>>>>

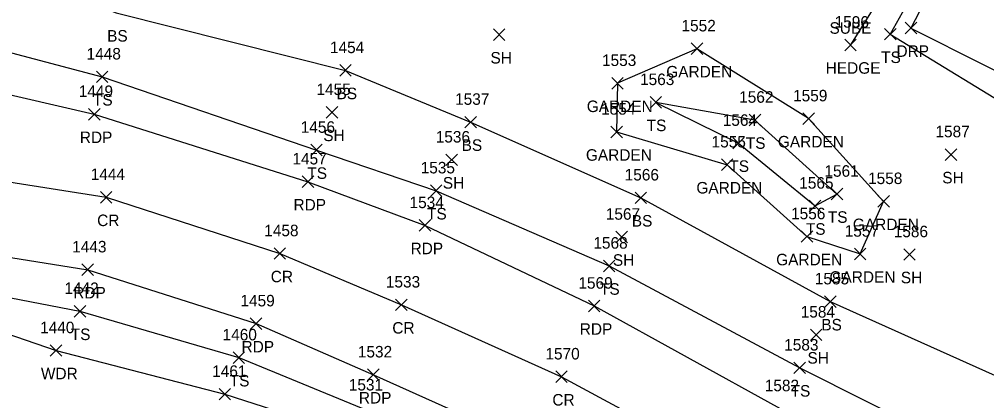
# Model space of a CAD drawing. Extents: x 1586965 to 1590952, y 716317 to 720029.
# Drawn here: x 1587807.3 to 1587975.1, y 719803.4 to 719869.6 of the extents above; entities that cross this region are included whole.
import ezdxf

# ---------------------------------------------------------------- set-up
doc = ezdxf.new("R2010")
doc.units = 0
for name, color, linetype in [('L_A', 7, 'Continuous'), ('L_I', 7, 'Continuous'), ('L_TIC', 7, 'Continuous'), ('LAHR', 7, 'Continuous'), ('LAPB', 7, 'Continuous'), ('LAWA', 7, 'Continuous'), ('LELB', 7, 'Continuous'), ('P_A', 7, 'Continuous'), ('P_I', 7, 'Continuous'), ('P_TIC', 7, 'Continuous'), ('PET', 7, 'Continuous'), ('PRC', 7, 'Continuous'), ('R_A', 7, 'Continuous'), ('R_TIC', 7, 'Continuous'), ('RDP', 7, 'Continuous'), ('U_A', 7, 'Continuous')]:
    doc.layers.add(name, color=color, linetype=linetype)

msp = doc.modelspace()

# ---------------------------------------------------------------- linework, layer by layer
at = {"layer": 'L_TIC'}
for points in [[(1587889.55, 719865.94), (1587891.55, 719867.94)], [(1587891.55, 719865.94), (1587889.55, 719867.94)], [(1587957.41, 719866.03), (1587959.41, 719868.03)], [(1587959.41, 719866.03), (1587957.41, 719868.03)], [(1587923.87, 719863.52), (1587925.87, 719865.52)], [(1587925.87, 719863.52), (1587923.87, 719865.52)], [(1587950.5, 719864.17), (1587952.5, 719866.17)], [(1587952.5, 719864.17), (1587950.5, 719866.17)], [(1587862.89, 719859.75), (1587864.89, 719861.75)], [(1587864.89, 719859.75), (1587862.89, 719861.75)], [(1587820.67, 719858.64), (1587822.67, 719860.64)], [(1587822.67, 719858.64), (1587820.67, 719860.64)], [(1587910.08, 719857.51), (1587912.08, 719859.51)], [(1587912.08, 719857.51), (1587910.08, 719859.51)], [(1587916.73, 719854.2), (1587918.73, 719856.2)], [(1587918.73, 719854.2), (1587916.73, 719856.2)], [(1587860.54, 719852.47), (1587862.54, 719854.47)], [(1587862.54, 719852.47), (1587860.54, 719854.47)], [(1587943.24, 719851.37), (1587945.24, 719853.37)], [(1587945.24, 719851.37), (1587943.24, 719853.37)], [(1587884.59, 719850.77), (1587886.59, 719852.77)], [(1587886.59, 719850.77), (1587884.59, 719852.77)], [(1587933.93, 719851.13), (1587935.93, 719853.13)], [(1587935.93, 719851.13), (1587933.93, 719853.13)], [(1587909.93, 719849.06), (1587911.93, 719851.06)], [(1587911.93, 719849.06), (1587909.93, 719851.06)], [(1587931.08, 719847.12), (1587933.08, 719849.12)], [(1587933.08, 719847.12), (1587931.08, 719849.12)], [(1587857.86, 719845.91), (1587859.86, 719847.91)], [(1587859.86, 719845.91), (1587857.86, 719847.91)], [(1587967.94, 719845.13), (1587969.94, 719847.13)], [(1587969.94, 719845.13), (1587967.94, 719847.13)], [(1587881.29, 719844.22), (1587883.29, 719846.22)], [(1587883.29, 719844.22), (1587881.29, 719846.22)], [(1587929.1, 719843.37), (1587931.1, 719845.37)], [(1587931.1, 719843.37), (1587929.1, 719845.37)], [(1587878.62, 719838.86), (1587880.62, 719840.86)], [(1587880.62, 719838.86), (1587878.62, 719840.86)], [(1587948.16, 719838.28), (1587950.16, 719840.28)], [(1587950.16, 719838.28), (1587948.16, 719840.28)], [(1587914.12, 719837.63), (1587916.12, 719839.63)], [(1587916.12, 719837.63), (1587914.12, 719839.63)], [(1587944.35, 719836.21), (1587946.35, 719838.21)], [(1587946.35, 719836.21), (1587944.35, 719838.21)], [(1587956.25, 719837.01), (1587958.25, 719839.01)], [(1587958.25, 719837.01), (1587956.25, 719839.01)], [(1587910.79, 719830.82), (1587912.79, 719832.82)], [(1587912.79, 719830.82), (1587910.79, 719832.82)], [(1587942.94, 719830.9), (1587944.94, 719832.9)], [(1587944.94, 719830.9), (1587942.94, 719832.9)], [(1587952.19, 719827.87), (1587954.19, 719829.87)], [(1587954.19, 719827.87), (1587952.19, 719829.87)], [(1587960.75, 719827.78), (1587962.75, 719829.78)], [(1587962.75, 719827.78), (1587960.75, 719829.78)], [(1587908.63, 719825.79), (1587910.63, 719827.79)], [(1587910.63, 719825.79), (1587908.63, 719827.79)], [(1587947, 719819.59), (1587949, 719821.59)], [(1587949, 719819.59), (1587947, 719821.59)], [(1587816.81, 719817.92), (1587818.81, 719819.92)], [(1587818.81, 719817.92), (1587816.81, 719819.92)], [(1587944.55, 719813.83), (1587946.55, 719815.83)], [(1587946.55, 719813.83), (1587944.55, 719815.83)], [(1587812.67, 719811.11), (1587814.67, 719813.11)], [(1587814.67, 719811.11), (1587812.67, 719813.11)], [(1587844.39, 719809.87), (1587846.39, 719811.87)], [(1587846.39, 719809.87), (1587844.39, 719811.87)], [(1587941.7, 719808.1), (1587943.7, 719810.1)], [(1587943.7, 719808.1), (1587941.7, 719810.1)], [(1587841.94, 719803.53), (1587843.94, 719805.53)], [(1587843.94, 719803.53), (1587841.94, 719805.53)]]:
    msp.add_lwpolyline(points, dxfattribs=at)
at = {"layer": 'LAHR'}
msp.add_lwpolyline([(1587974.65, 719910.6), (1587965.79, 719888.11), (1587951.5, 719865.17)], dxfattribs=at)
at = {"layer": 'LAPB'}
for points in [[(1587924.87, 719864.52), (1587911.08, 719858.51), (1587910.93, 719850.06), (1587930.1, 719844.37), (1587943.94, 719831.9), (1587953.19, 719828.87), (1587957.25, 719838.01), (1587944.24, 719852.37)], [(1587944.24, 719852.37), (1587924.87, 719864.52)]]:
    msp.add_lwpolyline(points, dxfattribs=at)
at = {"layer": 'LAWA'}
msp.add_lwpolyline([(1587792.66, 719819.32), (1587813.67, 719812.11), (1587842.94, 719804.53), (1587864.87, 719797.45), (1587880.05, 719791.05), (1587889.14, 719781.4), (1587900.01, 719769.71), (1587919.42, 719757.56), (1587933.18, 719752.9), (1587956.11, 719747.4), (1587965.59, 719740.84), (1587976.83, 719735.56), (1587989.17, 719727.65), (1588001.34, 719721.18), (1588025.48, 719708.03), (1588041.3, 719690.98), (1588054.29, 719686.88), (1588082.98, 719668.28), (1588093.79, 719656.56), (1588121.25, 719657.28), (1588128.24, 719644.6), (1588131.95, 719613.69), (1588124.34, 719595.05)], dxfattribs=at)
at = {"layer": 'LELB'}
for points in [[(1587811.93, 719949.52), (1587792.29, 719924.28), (1587790.61, 719906.24), (1587796.42, 719891.05), (1587800.94, 719879.86), (1587824.09, 719870.75), (1587863.89, 719860.75), (1587885.59, 719851.77), (1587915.12, 719838.63), (1587948, 719820.59), (1587984.49, 719804.22), (1588019.19, 719787.78), (1588025.35, 719786.55), (1588029.77, 719787.48), (1588038.8, 719793.55), (1588050.21, 719818.02), (1588057.55, 719835.32), (1588061.37, 719857.52)], [(1587811.93, 719949.52), (1587792.29, 719924.28), (1587790.61, 719906.24), (1587796.42, 719891.05), (1587800.94, 719879.86), (1587824.09, 719870.75), (1587863.89, 719860.75), (1587885.59, 719851.77), (1587915.12, 719838.63), (1587948, 719820.59), (1587984.49, 719804.22), (1588019.19, 719787.78), (1588025.35, 719786.55), (1588029.77, 719787.48), (1588038.8, 719793.55), (1588050.21, 719818.02), (1588057.55, 719835.32), (1588061.37, 719857.52)], [(1587980.38, 719907.57), (1587967.76, 719883.76), (1587958.41, 719867.03), (1587982.59, 719852.2), (1588028.36, 719838.74)], [(1587980.38, 719907.57), (1587967.76, 719883.76), (1587958.41, 719867.03), (1587982.59, 719852.2), (1588028.36, 719838.74)], [(1587785.92, 719905.04), (1587790.72, 719880.4), (1587795.97, 719870.23), (1587799.98, 719865.36), (1587821.67, 719859.64), (1587858.86, 719846.91), (1587879.62, 719839.86), (1587909.63, 719826.79), (1587942.7, 719809.1), (1587978.02, 719791.31), (1588014.84, 719771.38), (1588022.21, 719777.17), (1588033.93, 719779.83), (1588041.77, 719778.33), (1588050.57, 719796.18), (1588059.09, 719817.76), (1588066.51, 719841.34), (1588067.52, 719856.77)], [(1587785.92, 719905.04), (1587790.72, 719880.4), (1587795.97, 719870.23), (1587799.98, 719865.36), (1587821.67, 719859.64), (1587858.86, 719846.91), (1587879.62, 719839.86), (1587909.63, 719826.79), (1587942.7, 719809.1), (1587978.02, 719791.31), (1588014.84, 719771.38), (1588022.21, 719777.17), (1588033.93, 719779.83), (1588041.77, 719778.33), (1588050.57, 719796.18), (1588059.09, 719817.76), (1588066.51, 719841.34), (1588067.52, 719856.77)], [(1587949.16, 719839.28), (1587934.93, 719852.13), (1587917.73, 719855.2), (1587932.08, 719848.12), (1587945.35, 719837.21)], [(1587949.16, 719839.28), (1587934.93, 719852.13), (1587917.73, 719855.2), (1587932.08, 719848.12), (1587945.35, 719837.21)], [(1587945.35, 719837.21), (1587949.16, 719839.28)], [(1587945.35, 719837.21), (1587949.16, 719839.28)], [(1587769.54, 719828.25), (1587817.81, 719818.92), (1587845.39, 719810.87), (1587866.59, 719802.16), (1587894.5, 719791.41), (1587924.64, 719774.45), (1587960.66, 719756.07), (1587994.24, 719738.05), (1588029.81, 719715.93), (1588049.13, 719705.79), (1588061.35, 719699.86), (1588090.7, 719682.25), (1588125.12, 719667.08), (1588163.84, 719653.66), (1588168.64, 719652.01), (1588170.5, 719647.84), (1588169.34, 719638.56), (1588158.94, 719617.68), (1588144.69, 719590.38)], [(1587769.54, 719828.25), (1587817.81, 719818.92), (1587845.39, 719810.87), (1587866.59, 719802.16), (1587894.5, 719791.41), (1587924.64, 719774.45), (1587960.66, 719756.07), (1587994.24, 719738.05), (1588029.81, 719715.93), (1588049.13, 719705.79), (1588061.35, 719699.86), (1588090.7, 719682.25), (1588125.12, 719667.08), (1588163.84, 719653.66), (1588168.64, 719652.01), (1588170.5, 719647.84), (1588169.34, 719638.56), (1588158.94, 719617.68), (1588144.69, 719590.38)]]:
    msp.add_lwpolyline(points, dxfattribs=at)
at = {"layer": 'P_TIC'}
for points in [[(1587819.3, 719852.13), (1587821.3, 719854.13)], [(1587821.3, 719852.13), (1587819.3, 719854.13)], [(1587856.37, 719840.42), (1587858.37, 719842.42)], [(1587858.37, 719840.42), (1587856.37, 719842.42)], [(1587821.37, 719837.71), (1587823.37, 719839.71)], [(1587823.37, 719837.71), (1587821.37, 719839.71)], [(1587876.69, 719832.83), (1587878.69, 719834.83)], [(1587878.69, 719832.83), (1587876.69, 719834.83)], [(1587851.49, 719827.95), (1587853.49, 719829.95)], [(1587853.49, 719827.95), (1587851.49, 719829.95)], [(1587818.16, 719825.14), (1587820.16, 719827.14)], [(1587820.16, 719825.14), (1587818.16, 719827.14)], [(1587872.58, 719819.04), (1587874.58, 719821.04)], [(1587874.58, 719819.04), (1587872.58, 719821.04)], [(1587906.04, 719818.84), (1587908.04, 719820.84)], [(1587908.04, 719818.84), (1587906.04, 719820.84)], [(1587847.36, 719815.77), (1587849.36, 719817.77)], [(1587849.36, 719815.77), (1587847.36, 719817.77)], [(1587867.73, 719806.9), (1587869.73, 719808.9)], [(1587869.73, 719806.9), (1587867.73, 719808.9)], [(1587900.35, 719806.55), (1587902.35, 719808.55)], [(1587902.35, 719806.55), (1587900.35, 719808.55)]]:
    msp.add_lwpolyline(points, dxfattribs=at)
at = {"layer": 'PET'}
for points in [[(1587795.98, 719858.74), (1587820.3, 719853.13), (1587857.37, 719841.42), (1587877.69, 719833.83), (1587907.04, 719819.84), (1587939.32, 719802.03), (1587973.69, 719783.16), (1588008.21, 719763.34), (1588019.61, 719757.58), (1588045.18, 719744.38), (1588072.84, 719731.02), (1588081.8, 719723.85), (1588104.43, 719712.22), (1588133.68, 719697.26), (1588170.87, 719681.39), (1588198.42, 719670.99), (1588228.28, 719659.25)], [(1587769.59, 719834.05), (1587819.16, 719826.14), (1587848.36, 719816.77), (1587868.73, 719807.9), (1587895.82, 719795.75), (1587926.99, 719779.02), (1587962.24, 719759.15), (1587995.65, 719740.56), (1588031.83, 719719.54), (1588060.89, 719703.68), (1588093.53, 719688.06), (1588127.35, 719672.7), (1588165.1, 719657.02), (1588195.68, 719645.12), (1588212.38, 719637.86), (1588219.86, 719635.29)]]:
    msp.add_lwpolyline(points, dxfattribs=at)
at = {"layer": 'PRC'}
msp.add_lwpolyline([(1587770.57, 719846.88), (1587822.37, 719838.71), (1587852.49, 719828.95), (1587873.58, 719820.04), (1587901.35, 719807.55), (1587933.49, 719790.19), (1587967.95, 719771.53), (1588001.84, 719751.71), (1588038.72, 719731.7), (1588068.79, 719715.56), (1588099.02, 719700.65), (1588127.2, 719686.75), (1588167.73, 719669.46), (1588194.58, 719658.84), (1588224.51, 719647.27)], dxfattribs=at)
msp.add_lwpolyline([(1587770.57, 719846.88), (1587822.37, 719838.71), (1587852.49, 719828.95), (1587873.58, 719820.04), (1587901.35, 719807.55), (1587933.49, 719790.19), (1587967.95, 719771.53), (1588001.84, 719751.71), (1588038.72, 719731.7), (1588068.79, 719715.56), (1588099.02, 719700.65), (1588127.2, 719686.75), (1588167.73, 719669.46), (1588194.58, 719658.84), (1588224.51, 719647.27)], dxfattribs=at)
at = {"layer": 'R_TIC'}
for points in [[(1587960.99, 719867.1), (1587962.99, 719869.1)], [(1587962.99, 719867.1), (1587960.99, 719869.1)]]:
    msp.add_lwpolyline(points, dxfattribs=at)
at = {"layer": 'RDP'}
msp.add_lwpolyline([(1587981.59, 719906.83), (1587969.62, 719882.82), (1587961.99, 719868.1), (1587987.74, 719855.09), (1588029.05, 719846.17), (1588038.73, 719873.26)], dxfattribs=at)

# ---------------------------------------------------------------- texts
at = {"layer": 'L_A'}
for s, p in [('BS', (1587822.53, 719865.75)), ('SH', (1587889.04, 719861.94)), ('TS', (1587956.82, 719862.03)), ('HEDGE', (1587947.2, 719860.17)), ('GARDEN', (1587919.54, 719859.52)), ('TS', (1587820.07, 719854.64)), ('BS', (1587862.33, 719855.75)), ('GARDEN', (1587905.75, 719853.51)), ('TS', (1587916.14, 719850.2)), ('SH', (1587860.03, 719848.47)), ('BS', (1587884.03, 719846.77)), ('TS', (1587933.34, 719847.13)), ('GARDEN', (1587938.91, 719847.37)), ('GARDEN', (1587905.6, 719845.06)), ('TS', (1587930.49, 719843.12)), ('TS', (1587857.27, 719841.91)), ('SH', (1587880.78, 719840.22)), ('SH', (1587967.43, 719841.13)), ('GARDEN', (1587924.77, 719839.37)), ('TS', (1587878.03, 719834.86)), ('BS', (1587913.56, 719833.63)), ('TS', (1587947.57, 719834.28)), ('GARDEN', (1587951.91, 719833.01)), ('TS', (1587943.76, 719832.21)), ('SH', (1587910.28, 719826.82)), ('GARDEN', (1587938.61, 719826.9)), ('GARDEN', (1587947.86, 719823.87)), ('SH', (1587960.24, 719823.78)), ('TS', (1587908.04, 719821.79)), ('BS', (1587946.44, 719815.59)), ('TS', (1587816.22, 719813.92)), ('SH', (1587944.04, 719809.83)), ('WDR', (1587811.04, 719807.11)), ('TS', (1587843.8, 719805.87)), ('TS', (1587941.11, 719804.1))]:
    msp.add_text(s, height=2, dxfattribs=at).set_placement(p)
at = {"layer": 'L_I'}
for s, p in [('1596', (1587948.75, 719868.17)), ('1552', (1587922.18, 719867.52)), ('1454', (1587861.19, 719863.75)), ('1448', (1587818.97, 719862.64)), ('1553', (1587908.39, 719861.51)), ('1563', (1587914.99, 719858.2)), ('1455', (1587858.85, 719856.47)), ('1537', (1587882.9, 719854.77)), ('1562', (1587932.19, 719855.13)), ('1559', (1587941.54, 719855.37)), ('1554', (1587908.24, 719853.06)), ('1456', (1587856.11, 719849.91)), ('1564', (1587929.34, 719851.12)), ('1536', (1587879.54, 719848.22)), ('1587', (1587966.24, 719849.13)), ('1555', (1587927.4, 719847.37)), ('1535', (1587876.93, 719842.86)), ('1566', (1587912.32, 719841.63)), ('1561', (1587946.98, 719842.28)), ('1565', (1587942.61, 719840.21)), ('1558', (1587954.55, 719841.01)), ('1567', (1587909.05, 719834.82)), ('1556', (1587941.19, 719834.9)), ('1557', (1587950.5, 719831.87)), ('1586', (1587959, 719831.78)), ('1568', (1587906.89, 719829.79)), ('1585', (1587945.31, 719823.59)), ('1442', (1587815.12, 719821.92)), ('1584', (1587942.86, 719817.83)), ('1440', (1587810.9, 719815.11)), ('1460', (1587842.56, 719813.87)), ('1583', (1587940, 719812.1)), ('1461', (1587840.76, 719807.53)), ('1531', (1587864.46, 719805.16))]:
    msp.add_text(s, height=2, dxfattribs=at).set_placement(p)
at = {"layer": 'P_A'}
for s, p in [('RDP', (1587817.79, 719848.13)), ('RDP', (1587854.86, 719836.42)), ('CR', (1587820.8, 719833.71)), ('RDP', (1587875.18, 719828.83)), ('CR', (1587850.92, 719823.95)), ('RDP', (1587816.65, 719821.14)), ('CR', (1587872.01, 719815.04)), ('RDP', (1587904.53, 719814.84)), ('RDP', (1587845.85, 719811.77)), ('RDP', (1587866.21, 719802.9)), ('CR', (1587899.78, 719802.55))]:
    msp.add_text(s, height=2, dxfattribs=at).set_placement(p)
at = {"layer": 'P_I'}
for s, p in [('1449', (1587817.6, 719856.13)), ('1457', (1587854.68, 719844.42)), ('1444', (1587819.68, 719841.71)), ('1534', (1587875, 719836.83)), ('1458', (1587849.79, 719831.95)), ('1443', (1587816.47, 719829.14)), ('1533', (1587870.89, 719823.04)), ('1569', (1587904.29, 719822.84)), ('1459', (1587845.66, 719819.77)), ('1532', (1587866.03, 719810.9)), ('1570', (1587898.57, 719810.55)), ('1582', (1587936.63, 719805.03))]:
    msp.add_text(s, height=2, dxfattribs=at).set_placement(p)
at = {"layer": 'R_A'}
msp.add_text('DRP', height=2, dxfattribs=at).set_placement((1587959.48, 719863.1))
at = {"layer": 'U_A'}
msp.add_text('SUBE', height=2, dxfattribs=at).set_placement((1587947.86, 719867.11))

doc.saveas('drawing.dxf')

<<<<

## YOUR GOAL
In the listing above, find the line holding "# Drawn here: x" and the line holding "msp = doc.modelspace()", then output those two lines and every line between them exactly.

## OUTPUT BELOW
# Drawn here: x 1587807.3 to 1587975.1, y 719803.4 to 719869.6 of the extents above; entities that cross this region are included whole.
import ezdxf

# ---------------------------------------------------------------- set-up
doc = ezdxf.new("R2010")
doc.units = 0
for name, color, linetype in [('L_A', 7, 'Continuous'), ('L_I', 7, 'Continuous'), ('L_TIC', 7, 'Continuous'), ('LAHR', 7, 'Continuous'), ('LAPB', 7, 'Continuous'), ('LAWA', 7, 'Continuous'), ('LELB', 7, 'Continuous'), ('P_A', 7, 'Continuous'), ('P_I', 7, 'Continuous'), ('P_TIC', 7, 'Continuous'), ('PET', 7, 'Continuous'), ('PRC', 7, 'Continuous'), ('R_A', 7, 'Continuous'), ('R_TIC', 7, 'Continuous'), ('RDP', 7, 'Continuous'), ('U_A', 7, 'Continuous')]:
    doc.layers.add(name, color=color, linetype=linetype)

msp = doc.modelspace()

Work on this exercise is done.